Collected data
□ □ □ □
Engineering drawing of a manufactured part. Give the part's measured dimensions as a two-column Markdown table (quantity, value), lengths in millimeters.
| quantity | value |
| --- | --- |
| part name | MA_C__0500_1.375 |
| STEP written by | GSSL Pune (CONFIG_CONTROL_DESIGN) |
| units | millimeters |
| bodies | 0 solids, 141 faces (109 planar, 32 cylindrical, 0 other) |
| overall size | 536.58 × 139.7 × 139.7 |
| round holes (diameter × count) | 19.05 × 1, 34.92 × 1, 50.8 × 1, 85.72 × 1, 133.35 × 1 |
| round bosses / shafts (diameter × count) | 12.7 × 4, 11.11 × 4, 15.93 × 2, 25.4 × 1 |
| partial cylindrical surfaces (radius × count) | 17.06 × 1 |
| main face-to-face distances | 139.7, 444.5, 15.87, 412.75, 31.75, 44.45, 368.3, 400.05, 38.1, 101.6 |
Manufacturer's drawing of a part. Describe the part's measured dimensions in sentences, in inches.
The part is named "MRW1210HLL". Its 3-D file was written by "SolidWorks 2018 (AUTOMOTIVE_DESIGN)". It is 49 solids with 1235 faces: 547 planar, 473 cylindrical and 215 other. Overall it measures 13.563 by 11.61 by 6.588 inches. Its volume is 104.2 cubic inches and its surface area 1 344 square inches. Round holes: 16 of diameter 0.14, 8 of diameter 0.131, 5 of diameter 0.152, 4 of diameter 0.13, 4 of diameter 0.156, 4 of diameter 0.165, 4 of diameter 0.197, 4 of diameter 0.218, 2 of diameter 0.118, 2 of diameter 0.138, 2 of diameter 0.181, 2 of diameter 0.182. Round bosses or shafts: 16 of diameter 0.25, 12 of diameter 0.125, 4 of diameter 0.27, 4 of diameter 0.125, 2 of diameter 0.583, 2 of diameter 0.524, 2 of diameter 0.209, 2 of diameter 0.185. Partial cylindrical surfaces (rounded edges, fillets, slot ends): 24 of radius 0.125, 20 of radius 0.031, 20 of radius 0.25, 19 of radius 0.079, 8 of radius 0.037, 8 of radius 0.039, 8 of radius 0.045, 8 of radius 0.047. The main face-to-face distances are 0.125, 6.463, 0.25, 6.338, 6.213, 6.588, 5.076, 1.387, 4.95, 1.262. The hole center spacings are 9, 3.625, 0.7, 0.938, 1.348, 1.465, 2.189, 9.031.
□ □ □ □
* What to work on *
The lines you need are those containing "drawing"; find them in the records and copy them.

* Answer section *
Engineering drawing of a manufactured part. Give the part's measured dimensions as a two-column Markdown table (quantity, value), lengths in millimeters.
Manufacturer's drawing of a part. Describe the part's measured dimensions in sentences, in inches.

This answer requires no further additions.